第五十一夜:歪でいて、予期せぬ出来事
世界の中心。
世界樹――ユグドラシルの根幹。
神々の理を束ねる美しき緑の園は、まるで天上の庭のように静謐だった。
だが今、その静けさを破るように、どこか場違いな――痛々しい音と、断続的な悲鳴が響いていた。
木々に覆われ、仄かに緑光が揺らめく薄暗い一室。
そこに居たのは、二人の少女だった。
ミコトとアルチル。
衣服は与えられていない。
腕と足を拘束されたまま、冷たい蔓床に投げ出された二人の身体には、
無数の傷と、乾ききらない血の跡が浮かんでいた。
静かに震えるミコトは、脂汗に濡れた顔を歪めながら、唇を噛んでいた。
傷の痛みより、隣で聞こえる嬌声のような声が、何より胸を締めつける。
「……あ、ぁ……っ」
呻きにも似た、熱に浮かされたような吐息。
アルチルだった。
彼女の目はどこか濁っていて、痛みを――いや、痛みすらも高揚として昇華するかのように、歪な恍惚を湛えていた。
その光景を、愉悦の笑みで見下ろす者がいる。
フェレス。
少女たちの母を名乗る女。
手には、赤黒く染まったイバラの鞭。
「アルチル、よくやったわね」
フェレスがゆっくりと膝を折り、娘の頬に手を添えた。
「天使は殺し損ねたけど……お腹に穴を空けたのよね。ふふふっ、素晴らしいわ……」
舌を這わせるように、アルチルの頬を舐め上げる。
彼女は目を細め、まるで褒められた子どものように微笑んだ。
だがその瞬間、フェレスの目が変わる。
「でもね……」
今にも崩れそうなアルチルの左腕――フォスターに斬られたその箇所の治りかけている筋肉を、容赦なく握り締める。

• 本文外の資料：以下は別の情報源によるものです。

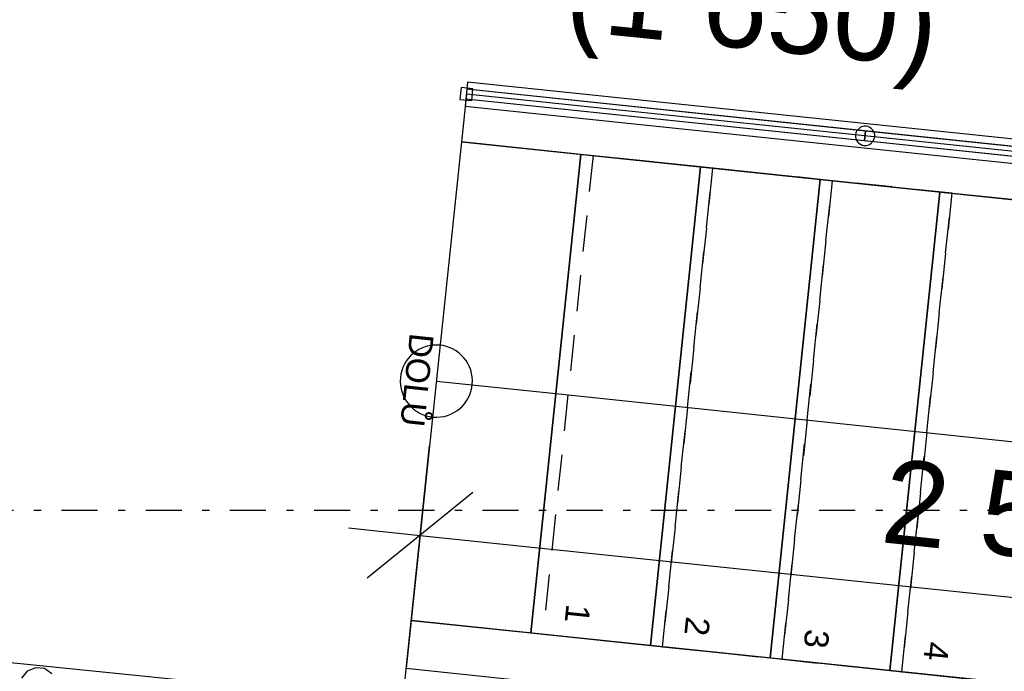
# Model space of a CAD drawing. Extents: x -12025 to 39812, y -30157 to 12.
# Tile 21 of 59: x 14479 to 16526, y -11444 to -10090. Entities that reach past the tile are written whole.
import ezdxf

# ---------------------------------------------------------------- set-up
doc = ezdxf.new("R2010")
doc.units = 0
doc.header["$MEASUREMENT"] = 0
doc.linetypes.add('Čerchovaná S', pattern=[175, 75, -42.5, 15, -42.5])
doc.linetypes.add('Čárkovaná S', pattern=[125, 75, -50])
doc.layers.add('OÚ Dukovany půdorys kóty 2NP', color=7, linetype='Continuous')
doc.layers.add('OÚ Dukovany půdorys podklad 2NP', color=7, linetype='Continuous')
doc.styles.add('Arial', font='txt')

msp = doc.modelspace()

# ---------------------------------------------------------------- linework, layer by layer
at = {"layer": 'OÚ Dukovany půdorys kóty 2NP', "color": 1, "linetype": 'Continuous'}
for p, q in [((15280.4, -11459.9), (15331.2, -10975.1)), ((15421.5, -11072.5), (15201.8, -11250.6)), ((15162.5, -11145.9), (15311.7, -11161.6)), ((15311.7, -11161.6), (17798, -11422.1)), ((15311.7, -11161.6), (17798, -11422.1))]:
    msp.add_line(p, q, dxfattribs=at)
at = {"layer": 'OÚ Dukovany půdorys podklad 2NP', "color": 1, "linetype": 'Continuous'}
for p, q in [((15410.4, -10219.2), (15405.2, -10269)), ((15410.4, -10219.2), (15405.2, -10269)), ((15410.4, -10219.2), (15405.2, -10269)), ((17896.8, -10479.8), (15410.4, -10219.2)), ((17896.8, -10479.8), (15410.4, -10219.2)), ((17896.8, -10479.8), (15410.4, -10219.2)), ((15407.8, -10244.1), (15397.4, -10343.6)), ((15408.8, -10234.2), (15406.8, -10254.1)), ((15408.8, -10234.2), (15406.8, -10254.1)), ((15406.8, -10254.1), (17893.1, -10514.6)), ((15406.8, -10254.1), (16235.6, -10340.9)), ((17894.2, -10504.7), (15407.8, -10244.1)), ((17895.2, -10494.7), (15408.8, -10234.2)), ((16237.6, -10321), (15408.8, -10234.2)), ((15405.2, -10269), (17891.6, -10529.5)), ((15405.2, -10269), (17891.6, -10529.5)), ((15405.2, -10269), (17891.6, -10529.5)), ((17066.4, -10407.9), (16237.6, -10321)), ((15397.4, -10343.6), (15293.1, -11338.1)), ((15397.4, -10343.6), (17883.8, -10604.1)), ((15646, -10369.6), (15397.4, -10343.6)), ((16235.6, -10340.9), (17064.3, -10427.8)), ((15541.8, -11364.2), (15646, -10369.6)), ((15646, -10369.6), (15541.8, -11364.2)), ((15894.7, -10395.7), (15646, -10369.6)), ((15790.4, -11390.2), (15894.7, -10395.7)), ((15894.7, -10395.7), (15790.4, -11390.2)), ((16143.3, -10421.7), (15894.7, -10395.7)), ((16039.1, -11416.3), (16143.3, -10421.7)), ((16143.3, -10421.7), (16039.1, -11416.3)), ((16391.9, -10447.8), (16143.3, -10421.7)), ((16287.7, -11442.3), (16391.9, -10447.8)), ((16391.9, -10447.8), (16287.7, -11442.3)), ((16640.6, -10473.8), (16391.9, -10447.8)), ((15345.3, -10840.8), (15593.9, -10866.9)), ((15593.9, -10866.9), (17583, -11075.4)), ((15293.1, -11338.1), (15282.7, -11437.6)), ((17779.5, -11598.7), (15293.1, -11338.1)), ((15293.1, -11338.1), (15541.8, -11364.2)), ((15541.8, -11364.2), (15790.4, -11390.2)), ((15513.1, -11532.6), (14120.4, -11392.1)), ((15790.4, -11390.2), (16039.1, -11416.3)), ((16039.1, -11416.3), (16287.7, -11442.3)), ((15282.7, -11437.6), (17769.1, -11698.1)), ((16287.7, -11442.3), (16536.3, -11468.4))]:
    msp.add_line(p, q, dxfattribs=at)
at = {"layer": 'OÚ Dukovany půdorys podklad 2NP', "color": 154, "linetype": 'Čerchovaná S'}
msp.add_line((5291.2, -11108.8), (22769.7, -11108.8), dxfattribs=at)
at = {"layer": 'OÚ Dukovany půdorys podklad 2NP', "color": 21, "linetype": 'Continuous'}
for p, q in [((14512.1, -11436.6), (14495, -11443.7)), ((14530.6, -11438.5), (14512.1, -11436.6)), ((14546, -11448.9), (14530.6, -11438.5)), ((14495, -11443.7), (14483.2, -11458))]:
    msp.add_line(p, q, dxfattribs=at)
at = {"layer": 'OÚ Dukovany půdorys podklad 2NP', "color": 1, "linetype": 'Continuous'}
for points in [[(15396.7, -10230.4), (15394.1, -10255.2), (15418.9, -10257.8), (15421.5, -10233)], [(15408.8, -10234.2), (15406.8, -10254.1), (16235.6, -10340.9), (16237.6, -10321)], [(15408.8, -10234.2), (15406.8, -10254.1), (16235.6, -10340.9), (16237.6, -10321)], [(15408.8, -10234.2), (15406.8, -10254.1), (16235.6, -10340.9), (16237.6, -10321)], [(16237.6, -10321), (16235.6, -10340.9), (17064.3, -10427.8), (17066.4, -10407.9)], [(16237.6, -10321), (16235.6, -10340.9), (17064.3, -10427.8), (17066.4, -10407.9)], [(16237.6, -10321), (16235.6, -10340.9), (17064.3, -10427.8), (17066.4, -10407.9)]]:
    msp.add_lwpolyline(points, close=True, dxfattribs=at)
for points in [[(16238.7, -10311.1, 0.414214), (16216.7, -10328.9)], [(16256.5, -10333, 0.414214), (16238.7, -10311.1)], [(16216.7, -10328.9, 0.414214), (16234.5, -10350.9)], [(16234.5, -10350.9, 0.414214), (16256.5, -10333)]]:
    msp.add_lwpolyline(points, format="xyb", dxfattribs=at)
at = {"layer": 'OÚ Dukovany půdorys podklad 2NP', "color": 1, "linetype": 'Čárkovaná S'}
for points in [[(15671, -10372.2), (15566.8, -11366.8), (15815.4, -11392.8), (15919.6, -10398.3)], [(15919.6, -10398.3), (15815.4, -11392.8), (16064, -11418.9), (16168.3, -10424.3)], [(16168.3, -10424.3), (16064, -11418.9), (16312.7, -11445), (16416.9, -10450.4)], [(16416.9, -10450.4), (16312.7, -11445), (16561.3, -11471), (16665.5, -10476.5)]]:
    msp.add_lwpolyline(points, close=True, dxfattribs=at)
at = {"layer": 'OÚ Dukovany půdorys podklad 2NP', "color": 1, "linetype": 'Continuous'}
for start, end in [(85.0261, 265.0261), (-94.9739, 85.0261)]:
    msp.add_arc((15345.3, -10840.8), 75, start, end, dxfattribs=at)

# ---------------------------------------------------------------- texts
at = {"layer": 'OÚ Dukovany půdorys kóty 2NP', "color": 1, "linetype": 'Continuous', "style": 'Arial'}
for s, rotation, p in [('(1 650)', 354.2718, (15608, -10111.2)), ('2\xa0500', 354.0173, (16266.2, -11175.3))]:
    msp.add_text(s, height=175, rotation=rotation, dxfattribs=at).set_placement(p)
at = {"layer": 'OÚ Dukovany půdorys podklad 2NP', "color": 1, "linetype": 'Continuous', "style": 'Arial'}
for s, p in [('DOLŮ', (15290.4, -10739.5)), ('1', (15616, -11302.6)), ('2', (15864.7, -11328.7)), ('3', (16112.9, -11354.7)), ('4', (16362, -11380.8))]:
    msp.add_text(s, height=50, rotation=264.0173, dxfattribs=at).set_placement(p)

doc.saveas('drawing.dxf')

「弱者に負けるような、情けない子に育てた覚えはないんだよ!!!!」
「――ぎぃゃああああああああああああああああ!!!!」
アルチルの絶叫が、木々を揺らす。
身体が仰け反り、拘束の鎖が軋む。
フェレスの恐ろしく早口な罵倒が始まる。
「ねぇアルチル……どういうことなの?誰の娘だと思ってるの?私がどれだけあなたに期待して、手をかけて、愛してきたと思ってるの……?それをこんなザマで……恥ずかしいったらないわよ。あの天使のお腹を空けられて、それで満足?ああそう、気持ちよかった?でもね、それじゃダメなの。私の愛はそんなに軽くない。あなたには勝ってほしかったの、殺して、証明してほしかったのよ、私が正しかったって!私はあなたのためを思ってここまでしてるのに、それすら理解できないの?悔しいなら泣きなさい、痛いなら叫びなさい、それがあなたの弱さを削り取る唯一の方法なんだから……分かるでしょ?分かってよ、私のかわいい、かわいいアルチル……!」
「いたいっ、いたいっ、いたいっ、いたいっ、いたいぃぃぃぃ!!!」
「お母様っ!!」
隣でミコトも叫ぶ。
もがき、歪み、涙を流しながら、懇願の声を上げる。
その声が届いたのか。
フェレスの動きが止まる。
ゆっくりと、手を離し。
目に浮かぶ色が――狂気から慈愛へと、あまりにも滑らかに切り替わる。
「ああ……ごめんなさい、アルチル。痛かったわよね。かわいそうに……」
その口調には、本当に愛おしむような優しさがあった。
「でもね、この痛みは……貴女の心を強くしてくれるの。貴女の母の愛よ」
そう言った次の瞬間。
その目に、またぞっとするような歪みが走る。
「今度……その天使に会った時は、必ず殺しなさい」
ぐにゃりと顔が歪む。
悪意と憎悪、欲望と快楽が渦巻く、母ではない“何か”のような顔。
「は……はい、おかぁ……さま……」
かすれた返事をするアルチルは、今にも途切れそうな声の中で、
それでもどこか嬉しそうに笑った。
その表情が、何よりも恐ろしい。
それは愛などではない。
けれども、確かに愛されていると信じてしまった者の笑みだった。
コツ、コツ――。
乾いた足音が、無情にも静寂を裂いてミコトへと近づく。
その音が一歩、また一歩と重なるたび、ミコトの心臓は叩きつけるように脈を打ち、呼吸も苦しげに荒んでいった。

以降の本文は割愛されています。